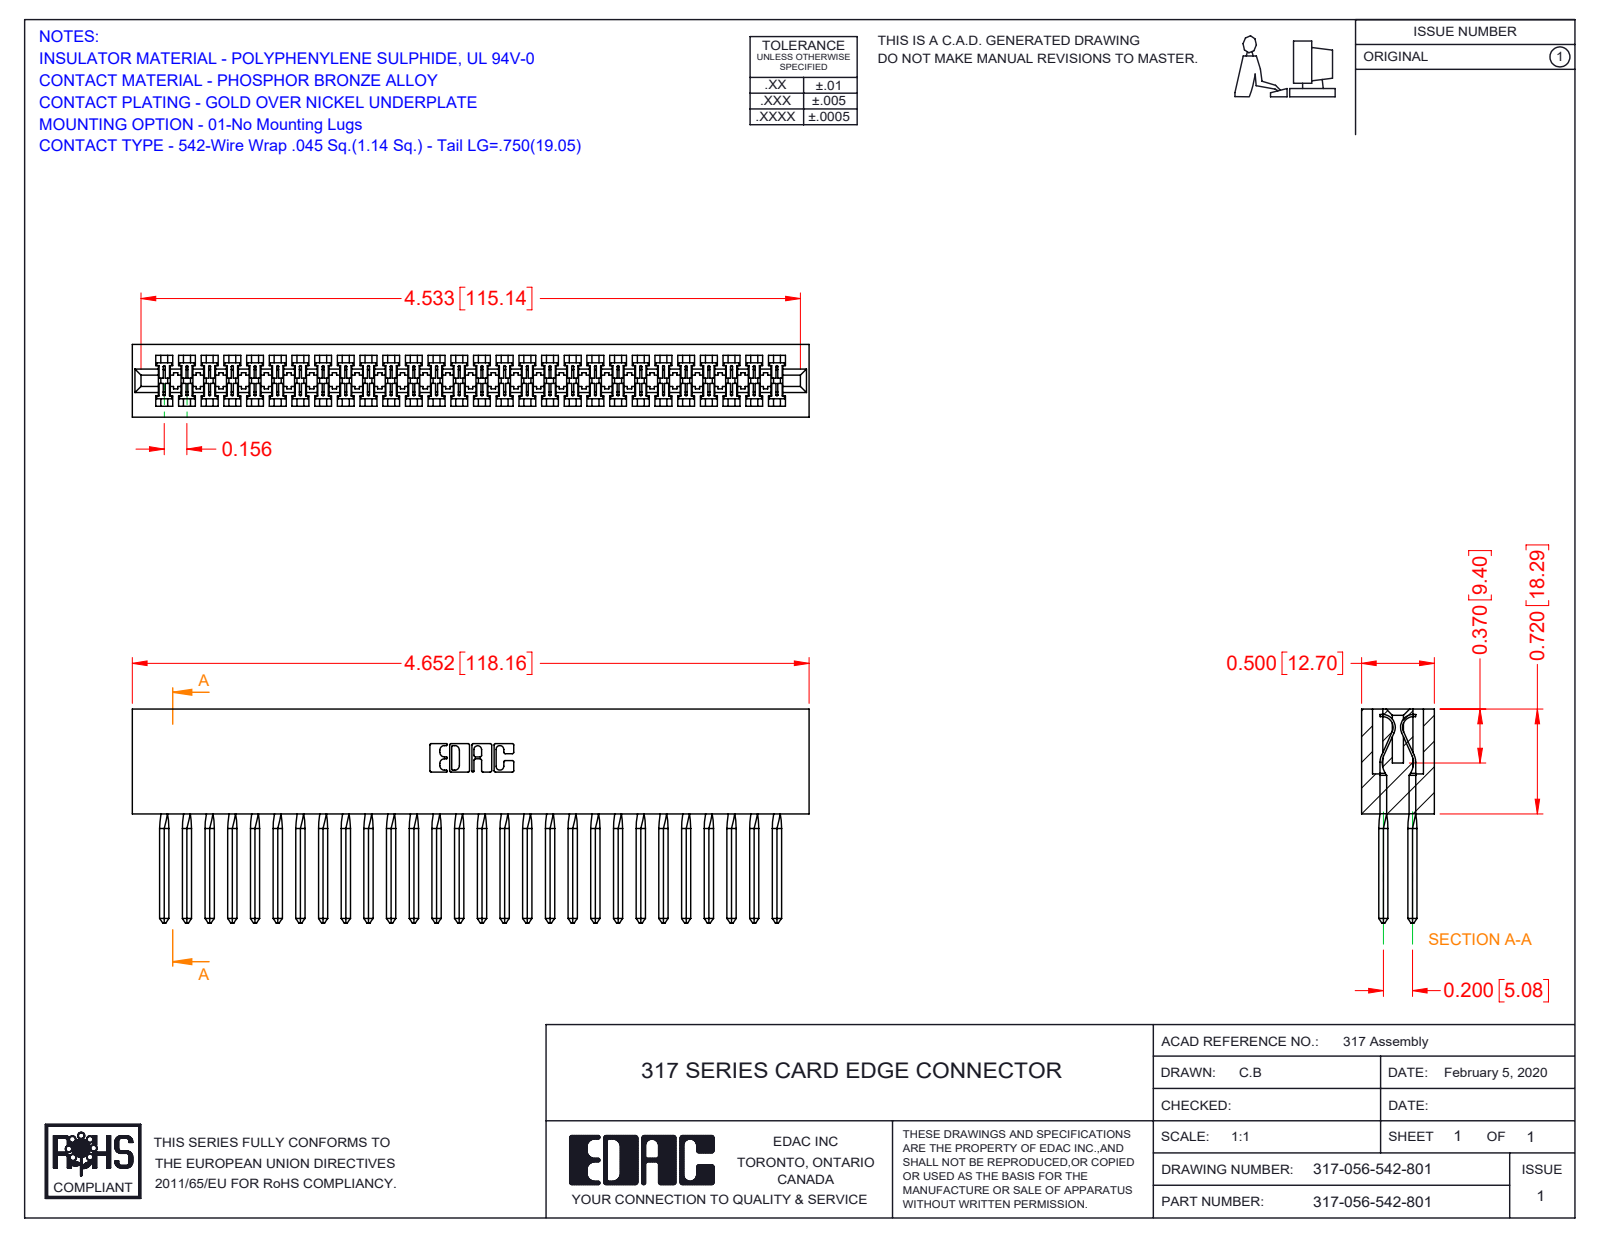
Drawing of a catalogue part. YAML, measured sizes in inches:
part_name: "317-056-542-801; 317-290-003_542; 317 Part_Lugless"
step_written_by: "SolidWorks 2016 (CONFIG_CONTROL_DESIGN)"
units: inches
bodies: {solids: 57, faces: 3282, planar: 2626, cylindrical: 432, other: 224}
overall_size: [4.652, 1.47, 0.5]
volume: 1.259
surface_area: 44.06
partial_cylinders:
  - {radius: 0.006, count: 112}
  - {radius: 0.01, count: 22}
  - {radius: 0.007, count: 6}
  - {radius: 0.031, count: 6}
  - {radius: 0.026, count: 3}
  - {radius: 0.074, count: 2}
  - {radius: 0.089, count: 2}
  - {radius: 0.1, count: 2}
face_to_face_distances: [0.5, 0.075, 0.425, 0.35, 0.2, 0.116, 0.11, 0.046, 0.128, 0.372]

====================

If a line in the data holds the word "inches", count it, then state the total alone.

THE ANSWER:
2